Io mi limito a segnalare quanto ci dice lo Zingarelli: *Si* [1. ... 2. ... 3. ...] 4. Uno, qualcuno (premesso alla terza per. sing.  di tutti i tempi di tutti i verbi, dà loro la forma impersonale).

Saluti.

GS


----------



## Marsario

Ripensandoci meglio, rischio di aver detto delle assurdità...
"In Italia si va in vacanza solo d'estate". 
Tuttavia mi sembra innaturale usare il si passivante con un verbo dall'ausiliare essere al passato prossimo...
Ripensandoci meglio, una regola grammaticale sarebbe comoda... eheh


----------



## fabinn

Il "si" assume forma impersonale per tutti i verbi, compreso il verbo essere, come dice lo Zingarelli (che naturalmente nessuno si sognerebbe di contraddire): "Com'è bello giocare quando si è piccini", che equivale in questo caso a "quando siamo piccini".... Però nella pratica nessuno direbbe "noi dovremmo (si dovrebbe) essere più spietati, s'è troppo buoni", forse per evitare una possibile confusione con la forma impersonale dell'ausiliare "avere"?! Al limite "si è troppo buoni", cioè senza l'elisione, ma non so... il verbo "essere" è l'unico che presenta una certa anomalia in questo senso. Se consideriamo le forme in cui "essere" è ausiliare, poi, non se ne parla proprio, come visto nei precedenti post.
E poi, perché "avere" come verbo principale si comporta regolarmente, ma come ausiliare diventa "essere" impersonale?
"Abbiamo voglia di pizza" ---> "S'ha voglia di pizza"
"Abbiamo visto Giuseppe" ---> "S'è visto Giuseppe" e non "S'ha visto Giuseppe"
Mi rendo conto che traslare la forma impersonale alla prima persona plurale è uno stiracchiamento dialettale del toscano, però sarebbe bello se la grammatica venisse comunque un po' di più in aiuto in questi casi!


----------



## effeundici

*Siamo *andati a i'ccine, ci *siamo *divertiti un monte e un *s'è *pagato nulla!!


----------



## Cosimo Piovasco

Tutte cose che ho sentito dire spesso, stando a Pisa. C'è da dire però che non posso contraddire un parlante nativo senza avere delle prove a mio suffraggio


----------



## Sempervirens

Ciao! Credo che anche fuori dalla Toscana la forma impersonale sia usata. Perlomeno in qualche occasione. Vedi qui: http://www.ilgiornaledivicenza.it/s..._il_registro_delle_scuole__a_prova_di_hacker/  Nel quale articolo si fa uso della forma impersonale dell'espressione "correre ai ripari", al passato con l'ausiliare essere e il participio coniugato al plurale. La forma è _si è corsi ai ripari_.  Forma che differisce da quest'altra, _si è corso ai ripari_. 
Per via, credo , della doppia possibilità della scelta dell'ausiliare: aver corso/ esser corso.

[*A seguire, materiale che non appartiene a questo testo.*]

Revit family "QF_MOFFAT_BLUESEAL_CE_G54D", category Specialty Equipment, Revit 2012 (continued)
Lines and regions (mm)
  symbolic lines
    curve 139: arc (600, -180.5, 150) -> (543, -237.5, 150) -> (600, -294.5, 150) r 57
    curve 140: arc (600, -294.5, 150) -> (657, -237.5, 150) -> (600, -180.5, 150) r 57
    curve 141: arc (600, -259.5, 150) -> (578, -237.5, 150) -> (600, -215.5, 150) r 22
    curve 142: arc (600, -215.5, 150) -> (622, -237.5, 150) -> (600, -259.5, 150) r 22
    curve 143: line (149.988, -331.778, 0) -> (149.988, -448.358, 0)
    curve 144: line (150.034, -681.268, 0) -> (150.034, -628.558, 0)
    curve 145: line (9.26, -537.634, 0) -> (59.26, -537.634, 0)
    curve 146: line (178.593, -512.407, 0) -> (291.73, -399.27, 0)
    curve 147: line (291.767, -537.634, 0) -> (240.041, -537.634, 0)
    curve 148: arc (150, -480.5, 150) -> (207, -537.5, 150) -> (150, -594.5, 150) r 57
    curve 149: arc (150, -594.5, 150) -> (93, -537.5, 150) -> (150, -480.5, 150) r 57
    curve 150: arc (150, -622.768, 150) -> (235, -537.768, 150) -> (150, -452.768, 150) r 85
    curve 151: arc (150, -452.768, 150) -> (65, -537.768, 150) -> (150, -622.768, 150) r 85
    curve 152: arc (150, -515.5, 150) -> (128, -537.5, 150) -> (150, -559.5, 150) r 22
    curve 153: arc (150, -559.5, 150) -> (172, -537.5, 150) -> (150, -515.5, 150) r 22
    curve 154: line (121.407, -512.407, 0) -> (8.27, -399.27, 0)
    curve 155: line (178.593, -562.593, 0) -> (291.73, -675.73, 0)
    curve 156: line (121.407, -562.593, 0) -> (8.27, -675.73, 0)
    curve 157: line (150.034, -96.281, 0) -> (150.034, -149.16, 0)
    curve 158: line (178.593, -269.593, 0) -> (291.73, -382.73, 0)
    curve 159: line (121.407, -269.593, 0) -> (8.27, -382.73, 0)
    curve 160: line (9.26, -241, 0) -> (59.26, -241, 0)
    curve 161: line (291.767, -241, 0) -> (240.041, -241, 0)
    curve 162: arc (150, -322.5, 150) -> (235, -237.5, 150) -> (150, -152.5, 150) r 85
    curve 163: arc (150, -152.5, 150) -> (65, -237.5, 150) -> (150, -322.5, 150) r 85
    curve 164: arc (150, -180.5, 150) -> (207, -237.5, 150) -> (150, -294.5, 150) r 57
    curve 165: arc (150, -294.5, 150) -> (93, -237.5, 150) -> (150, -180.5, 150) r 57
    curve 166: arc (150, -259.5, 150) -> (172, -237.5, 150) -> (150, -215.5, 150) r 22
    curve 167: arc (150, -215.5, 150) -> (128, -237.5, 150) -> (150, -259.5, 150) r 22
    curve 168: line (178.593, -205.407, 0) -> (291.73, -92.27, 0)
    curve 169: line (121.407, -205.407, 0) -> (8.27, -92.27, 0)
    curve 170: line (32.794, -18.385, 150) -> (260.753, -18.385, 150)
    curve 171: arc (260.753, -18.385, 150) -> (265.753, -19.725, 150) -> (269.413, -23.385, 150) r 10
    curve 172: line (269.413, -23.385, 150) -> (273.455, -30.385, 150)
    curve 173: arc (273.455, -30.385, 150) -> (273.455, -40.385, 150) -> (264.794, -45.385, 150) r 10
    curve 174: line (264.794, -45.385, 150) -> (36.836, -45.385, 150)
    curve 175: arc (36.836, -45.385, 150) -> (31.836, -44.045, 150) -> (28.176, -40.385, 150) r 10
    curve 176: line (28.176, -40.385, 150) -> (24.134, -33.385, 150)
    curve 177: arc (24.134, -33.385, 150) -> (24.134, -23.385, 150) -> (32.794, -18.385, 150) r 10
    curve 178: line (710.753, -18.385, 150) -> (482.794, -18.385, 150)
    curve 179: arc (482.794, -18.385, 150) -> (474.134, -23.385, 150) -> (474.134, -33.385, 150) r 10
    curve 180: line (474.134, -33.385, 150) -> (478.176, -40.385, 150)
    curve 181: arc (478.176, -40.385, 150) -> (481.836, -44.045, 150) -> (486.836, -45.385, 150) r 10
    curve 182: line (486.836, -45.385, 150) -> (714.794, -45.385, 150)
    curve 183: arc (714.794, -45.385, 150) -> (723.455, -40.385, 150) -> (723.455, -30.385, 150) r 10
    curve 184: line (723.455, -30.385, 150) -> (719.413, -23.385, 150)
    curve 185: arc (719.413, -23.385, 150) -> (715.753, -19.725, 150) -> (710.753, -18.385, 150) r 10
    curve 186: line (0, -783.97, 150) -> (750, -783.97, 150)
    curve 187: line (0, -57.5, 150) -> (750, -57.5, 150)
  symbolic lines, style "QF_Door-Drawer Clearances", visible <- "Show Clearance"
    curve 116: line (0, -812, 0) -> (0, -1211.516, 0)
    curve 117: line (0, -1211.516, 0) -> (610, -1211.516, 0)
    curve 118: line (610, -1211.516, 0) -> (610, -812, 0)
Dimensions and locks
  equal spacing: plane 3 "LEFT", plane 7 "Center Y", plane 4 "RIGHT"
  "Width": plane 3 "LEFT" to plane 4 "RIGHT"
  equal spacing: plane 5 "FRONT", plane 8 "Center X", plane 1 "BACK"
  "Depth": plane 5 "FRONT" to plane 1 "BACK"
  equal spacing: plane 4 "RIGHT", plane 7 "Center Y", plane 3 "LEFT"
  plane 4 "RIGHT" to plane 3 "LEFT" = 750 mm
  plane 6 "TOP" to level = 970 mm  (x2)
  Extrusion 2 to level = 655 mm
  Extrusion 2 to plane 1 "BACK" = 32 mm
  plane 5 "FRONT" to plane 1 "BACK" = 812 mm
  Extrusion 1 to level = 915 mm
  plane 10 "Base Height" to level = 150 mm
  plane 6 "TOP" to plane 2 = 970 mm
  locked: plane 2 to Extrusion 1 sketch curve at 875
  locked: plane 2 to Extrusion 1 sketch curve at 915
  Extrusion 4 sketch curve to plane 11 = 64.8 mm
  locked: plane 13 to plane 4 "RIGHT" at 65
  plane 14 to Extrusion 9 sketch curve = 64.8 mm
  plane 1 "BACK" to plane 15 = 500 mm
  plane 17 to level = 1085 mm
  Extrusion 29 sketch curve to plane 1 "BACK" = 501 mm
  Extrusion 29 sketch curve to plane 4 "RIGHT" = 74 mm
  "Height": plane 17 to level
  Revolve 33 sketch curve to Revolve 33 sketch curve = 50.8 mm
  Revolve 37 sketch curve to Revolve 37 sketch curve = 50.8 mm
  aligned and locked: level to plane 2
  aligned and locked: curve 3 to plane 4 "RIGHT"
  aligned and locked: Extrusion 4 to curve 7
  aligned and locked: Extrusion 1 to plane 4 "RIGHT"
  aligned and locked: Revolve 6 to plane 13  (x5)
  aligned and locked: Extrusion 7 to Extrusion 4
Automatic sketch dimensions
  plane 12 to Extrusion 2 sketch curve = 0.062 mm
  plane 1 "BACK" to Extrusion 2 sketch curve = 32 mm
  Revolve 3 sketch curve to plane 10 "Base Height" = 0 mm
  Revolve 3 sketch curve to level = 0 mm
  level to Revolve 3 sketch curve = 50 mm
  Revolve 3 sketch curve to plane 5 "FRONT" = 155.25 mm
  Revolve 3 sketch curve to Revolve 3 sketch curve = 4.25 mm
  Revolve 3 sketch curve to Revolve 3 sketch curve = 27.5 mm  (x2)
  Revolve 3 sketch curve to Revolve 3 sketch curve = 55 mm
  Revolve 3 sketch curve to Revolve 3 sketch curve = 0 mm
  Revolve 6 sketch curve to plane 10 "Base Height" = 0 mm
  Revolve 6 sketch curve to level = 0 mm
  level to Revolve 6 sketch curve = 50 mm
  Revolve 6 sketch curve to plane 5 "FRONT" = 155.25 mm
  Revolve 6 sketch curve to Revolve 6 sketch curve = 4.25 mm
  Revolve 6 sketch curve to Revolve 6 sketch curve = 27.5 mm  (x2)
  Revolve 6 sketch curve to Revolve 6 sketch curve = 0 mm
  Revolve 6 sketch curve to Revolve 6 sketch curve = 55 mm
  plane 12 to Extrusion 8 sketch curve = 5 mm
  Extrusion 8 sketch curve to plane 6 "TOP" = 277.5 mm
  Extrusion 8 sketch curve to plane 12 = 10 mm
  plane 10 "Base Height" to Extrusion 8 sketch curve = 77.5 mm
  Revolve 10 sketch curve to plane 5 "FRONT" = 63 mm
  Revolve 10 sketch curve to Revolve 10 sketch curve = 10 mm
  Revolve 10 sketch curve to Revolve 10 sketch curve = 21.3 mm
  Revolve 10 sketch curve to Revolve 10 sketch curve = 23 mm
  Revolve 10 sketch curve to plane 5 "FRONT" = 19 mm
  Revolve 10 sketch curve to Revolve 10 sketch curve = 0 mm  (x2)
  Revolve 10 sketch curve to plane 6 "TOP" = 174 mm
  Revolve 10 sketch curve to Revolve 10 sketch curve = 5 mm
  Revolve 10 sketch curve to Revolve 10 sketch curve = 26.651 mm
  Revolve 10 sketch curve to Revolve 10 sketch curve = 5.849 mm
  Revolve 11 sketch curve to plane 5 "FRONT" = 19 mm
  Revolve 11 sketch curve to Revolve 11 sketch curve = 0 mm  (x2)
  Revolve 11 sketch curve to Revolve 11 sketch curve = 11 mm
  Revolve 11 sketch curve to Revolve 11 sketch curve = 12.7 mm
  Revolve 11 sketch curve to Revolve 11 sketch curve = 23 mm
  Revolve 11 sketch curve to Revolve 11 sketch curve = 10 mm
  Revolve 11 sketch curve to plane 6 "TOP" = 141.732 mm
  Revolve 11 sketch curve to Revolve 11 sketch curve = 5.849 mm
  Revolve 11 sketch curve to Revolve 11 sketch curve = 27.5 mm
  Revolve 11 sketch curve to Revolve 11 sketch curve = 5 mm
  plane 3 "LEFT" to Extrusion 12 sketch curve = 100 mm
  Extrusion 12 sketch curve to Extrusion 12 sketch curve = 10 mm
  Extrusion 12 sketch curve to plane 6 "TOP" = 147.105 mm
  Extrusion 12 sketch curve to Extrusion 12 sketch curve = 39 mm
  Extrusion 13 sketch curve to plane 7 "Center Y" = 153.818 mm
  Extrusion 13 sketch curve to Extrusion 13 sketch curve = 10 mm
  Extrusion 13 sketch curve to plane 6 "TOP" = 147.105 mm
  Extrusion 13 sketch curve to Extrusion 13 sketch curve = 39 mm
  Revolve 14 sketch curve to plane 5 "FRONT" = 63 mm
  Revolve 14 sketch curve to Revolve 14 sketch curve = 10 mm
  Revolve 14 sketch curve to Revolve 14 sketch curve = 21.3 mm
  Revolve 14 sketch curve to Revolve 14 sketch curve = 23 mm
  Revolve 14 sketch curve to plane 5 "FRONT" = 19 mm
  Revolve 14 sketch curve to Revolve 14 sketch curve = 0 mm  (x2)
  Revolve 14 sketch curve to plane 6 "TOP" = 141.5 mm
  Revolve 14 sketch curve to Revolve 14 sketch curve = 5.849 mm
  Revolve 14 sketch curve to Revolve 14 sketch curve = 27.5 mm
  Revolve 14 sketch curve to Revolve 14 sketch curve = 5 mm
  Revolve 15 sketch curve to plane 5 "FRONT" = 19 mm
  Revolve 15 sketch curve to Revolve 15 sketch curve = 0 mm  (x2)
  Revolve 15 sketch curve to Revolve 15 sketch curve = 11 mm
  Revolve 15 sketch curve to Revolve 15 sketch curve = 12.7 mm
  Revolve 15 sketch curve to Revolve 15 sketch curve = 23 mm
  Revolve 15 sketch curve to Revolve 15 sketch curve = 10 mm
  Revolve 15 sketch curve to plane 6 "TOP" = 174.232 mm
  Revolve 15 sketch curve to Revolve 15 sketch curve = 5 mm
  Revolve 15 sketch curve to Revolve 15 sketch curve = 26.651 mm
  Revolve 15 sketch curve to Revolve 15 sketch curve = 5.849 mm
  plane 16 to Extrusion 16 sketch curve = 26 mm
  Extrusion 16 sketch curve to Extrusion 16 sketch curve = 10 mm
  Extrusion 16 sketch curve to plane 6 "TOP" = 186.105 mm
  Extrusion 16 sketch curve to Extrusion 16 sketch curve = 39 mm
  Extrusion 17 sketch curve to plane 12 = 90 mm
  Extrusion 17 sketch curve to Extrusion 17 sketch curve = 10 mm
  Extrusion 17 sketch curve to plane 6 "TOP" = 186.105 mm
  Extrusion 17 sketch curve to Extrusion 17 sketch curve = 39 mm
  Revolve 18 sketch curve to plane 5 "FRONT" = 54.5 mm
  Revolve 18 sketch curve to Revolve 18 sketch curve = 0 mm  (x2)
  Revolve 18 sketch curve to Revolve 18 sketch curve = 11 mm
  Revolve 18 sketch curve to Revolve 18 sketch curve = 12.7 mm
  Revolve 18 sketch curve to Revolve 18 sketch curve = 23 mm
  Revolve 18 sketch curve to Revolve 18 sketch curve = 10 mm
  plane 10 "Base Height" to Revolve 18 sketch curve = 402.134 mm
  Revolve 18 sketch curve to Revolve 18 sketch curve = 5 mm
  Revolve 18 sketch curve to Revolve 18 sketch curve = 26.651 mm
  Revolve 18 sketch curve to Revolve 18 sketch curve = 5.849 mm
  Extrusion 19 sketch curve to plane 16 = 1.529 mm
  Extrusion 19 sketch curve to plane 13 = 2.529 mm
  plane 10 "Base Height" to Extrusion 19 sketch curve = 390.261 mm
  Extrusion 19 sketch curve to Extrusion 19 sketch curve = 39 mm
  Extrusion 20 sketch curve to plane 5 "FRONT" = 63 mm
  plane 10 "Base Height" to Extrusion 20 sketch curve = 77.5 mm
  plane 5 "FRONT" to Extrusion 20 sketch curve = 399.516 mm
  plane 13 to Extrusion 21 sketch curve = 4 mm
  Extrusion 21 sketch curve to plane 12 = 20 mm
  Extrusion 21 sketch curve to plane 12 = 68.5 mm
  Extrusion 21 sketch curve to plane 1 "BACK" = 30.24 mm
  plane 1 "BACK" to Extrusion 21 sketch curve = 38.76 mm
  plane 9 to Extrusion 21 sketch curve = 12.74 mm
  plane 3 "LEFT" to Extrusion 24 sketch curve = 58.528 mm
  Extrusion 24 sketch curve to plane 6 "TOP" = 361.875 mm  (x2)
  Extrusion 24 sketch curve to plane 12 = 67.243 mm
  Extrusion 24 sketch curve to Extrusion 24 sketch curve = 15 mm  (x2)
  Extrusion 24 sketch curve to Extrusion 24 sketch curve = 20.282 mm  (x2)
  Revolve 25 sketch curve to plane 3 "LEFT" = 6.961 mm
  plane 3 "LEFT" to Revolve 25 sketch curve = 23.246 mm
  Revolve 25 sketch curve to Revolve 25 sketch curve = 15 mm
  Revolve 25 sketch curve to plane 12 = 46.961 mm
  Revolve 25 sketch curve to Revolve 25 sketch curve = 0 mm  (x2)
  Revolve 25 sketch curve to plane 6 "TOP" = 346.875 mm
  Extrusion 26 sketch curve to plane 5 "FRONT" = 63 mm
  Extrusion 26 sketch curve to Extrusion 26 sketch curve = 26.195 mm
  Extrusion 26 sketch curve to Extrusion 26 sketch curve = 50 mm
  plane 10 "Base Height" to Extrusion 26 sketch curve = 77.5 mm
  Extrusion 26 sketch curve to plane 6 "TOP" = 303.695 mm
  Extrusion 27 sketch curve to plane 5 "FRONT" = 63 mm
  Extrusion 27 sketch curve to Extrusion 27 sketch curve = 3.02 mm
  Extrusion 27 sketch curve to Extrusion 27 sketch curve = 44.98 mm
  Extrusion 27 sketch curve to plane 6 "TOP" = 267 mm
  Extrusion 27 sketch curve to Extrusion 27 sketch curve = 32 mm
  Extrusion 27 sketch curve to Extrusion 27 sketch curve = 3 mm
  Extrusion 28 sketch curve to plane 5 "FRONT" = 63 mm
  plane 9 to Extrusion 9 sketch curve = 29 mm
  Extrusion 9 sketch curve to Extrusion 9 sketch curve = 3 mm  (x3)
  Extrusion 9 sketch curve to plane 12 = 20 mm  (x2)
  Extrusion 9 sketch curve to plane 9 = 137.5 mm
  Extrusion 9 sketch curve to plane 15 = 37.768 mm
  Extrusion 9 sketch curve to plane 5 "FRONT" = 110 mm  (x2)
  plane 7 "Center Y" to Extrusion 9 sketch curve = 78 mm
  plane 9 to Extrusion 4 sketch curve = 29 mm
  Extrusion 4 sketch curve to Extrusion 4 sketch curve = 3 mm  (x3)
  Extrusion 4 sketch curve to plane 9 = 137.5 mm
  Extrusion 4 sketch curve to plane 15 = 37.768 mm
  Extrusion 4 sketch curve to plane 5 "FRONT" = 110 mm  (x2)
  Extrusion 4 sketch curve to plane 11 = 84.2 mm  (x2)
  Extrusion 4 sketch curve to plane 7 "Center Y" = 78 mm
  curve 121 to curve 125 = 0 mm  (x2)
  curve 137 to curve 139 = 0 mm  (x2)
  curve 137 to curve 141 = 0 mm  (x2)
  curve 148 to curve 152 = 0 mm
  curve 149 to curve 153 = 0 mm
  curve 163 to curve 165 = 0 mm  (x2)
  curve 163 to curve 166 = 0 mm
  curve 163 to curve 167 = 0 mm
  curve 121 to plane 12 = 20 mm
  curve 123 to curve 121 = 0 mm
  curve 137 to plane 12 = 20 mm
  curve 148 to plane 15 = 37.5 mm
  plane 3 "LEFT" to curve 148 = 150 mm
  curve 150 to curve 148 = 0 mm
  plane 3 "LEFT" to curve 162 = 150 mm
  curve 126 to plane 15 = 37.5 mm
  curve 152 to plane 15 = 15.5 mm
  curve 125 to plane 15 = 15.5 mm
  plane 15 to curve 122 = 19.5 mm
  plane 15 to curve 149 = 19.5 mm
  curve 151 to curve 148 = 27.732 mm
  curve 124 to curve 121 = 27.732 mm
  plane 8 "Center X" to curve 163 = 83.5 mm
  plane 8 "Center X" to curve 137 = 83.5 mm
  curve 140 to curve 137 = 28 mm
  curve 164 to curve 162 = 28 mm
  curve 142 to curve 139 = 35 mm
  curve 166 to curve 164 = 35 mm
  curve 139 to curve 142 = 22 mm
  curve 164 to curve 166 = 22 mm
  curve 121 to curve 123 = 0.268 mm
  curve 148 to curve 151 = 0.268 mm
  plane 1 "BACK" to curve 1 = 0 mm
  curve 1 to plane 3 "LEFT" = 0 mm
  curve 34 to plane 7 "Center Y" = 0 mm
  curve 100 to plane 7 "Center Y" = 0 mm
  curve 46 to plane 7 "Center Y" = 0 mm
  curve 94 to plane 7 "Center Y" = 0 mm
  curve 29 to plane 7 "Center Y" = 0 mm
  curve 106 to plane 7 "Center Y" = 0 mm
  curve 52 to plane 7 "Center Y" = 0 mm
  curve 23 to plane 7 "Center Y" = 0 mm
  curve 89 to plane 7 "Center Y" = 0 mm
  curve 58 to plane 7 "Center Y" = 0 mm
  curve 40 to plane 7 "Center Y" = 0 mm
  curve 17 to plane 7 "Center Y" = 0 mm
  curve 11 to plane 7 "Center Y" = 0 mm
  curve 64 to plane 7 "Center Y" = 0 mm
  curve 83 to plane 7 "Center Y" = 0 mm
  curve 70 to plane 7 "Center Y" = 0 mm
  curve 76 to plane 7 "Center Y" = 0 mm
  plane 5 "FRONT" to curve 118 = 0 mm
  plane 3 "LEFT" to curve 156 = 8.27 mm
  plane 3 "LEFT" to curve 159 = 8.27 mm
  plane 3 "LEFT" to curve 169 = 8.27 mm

Conferme o altri commenti costruttivi son ben accetti. 

S.V


----------



## dragonseven

Dal mio punto di vista le cose sono due: o è la regola senza eccezioni, o è sbagliato comunque. 
Mi spiego meglio: per esempio, la frase "abbiamo deciso", indica l'aver preso una decisione insieme (che è illusoria), anche se "suona bene" ritengo un errore compararlo a "s'è deciso" che indica essere decisi insieme, quindi lo comparerei, piuttosto, a "S'è decisi" che però "suona male" ma è più giusto perché è in essere la decisione (siamo decisi). 
Di contro si potrebbe dire "fummo liberati dagli alpini" o "si fu liberati dagli alpini" ed ecco che anche il verbo essere è impersonale. 
E' giusto come dice fabinn: "Abbiamo voglia di pizza" in "s'ha voglia di pizza"; ma sbagliato il secondo caso: "Abbiamo visto Giuseppe?" in "s'è visto Giuseppe?", è giusto dire "s'ha visto Giuseppe?", perché Giuseppe mica si vede da solo. 
In italiano certe forme dialettiche sono considerate come "suona male" quindi "non si dice" e pertanto si crede siano sbagliate nella forma della lingua madre italiana, e viceversa, quando "suona bene" si tende a crederle esatte nella forma della lingua. Infine, credo che sia solo una forma dialettale con le regole del dialetto e non della lingua; l'italiano sarà pure una lingua "volgare" ma pur sempre una lingua. 
Cosa ne pensate?


----------



## Sempervirens

Signori, allora facciamo che mettiamo da parte le questioni su cosa possa essere definito regionalismo, o dialetto, e cosa possa essere invece ascritto definitivamente alle questioni di lingua italiana. A me paiono lingue tutte, a tutti gli effetti. 
Dimentichiamoci per un momento anche dei vocaboli oggettività e soggettività, soggetti a possibili re-interpretazioni pure quest'ultimi. Indi passiamo a sentire la voce degli esperti, alla pagina 45 della _*Grammatica Essenziale di Riferimento della Lingua Italiana*_:

7.2.2 Accordo del participio con il "si" impersonale (_cfr. 6.2_)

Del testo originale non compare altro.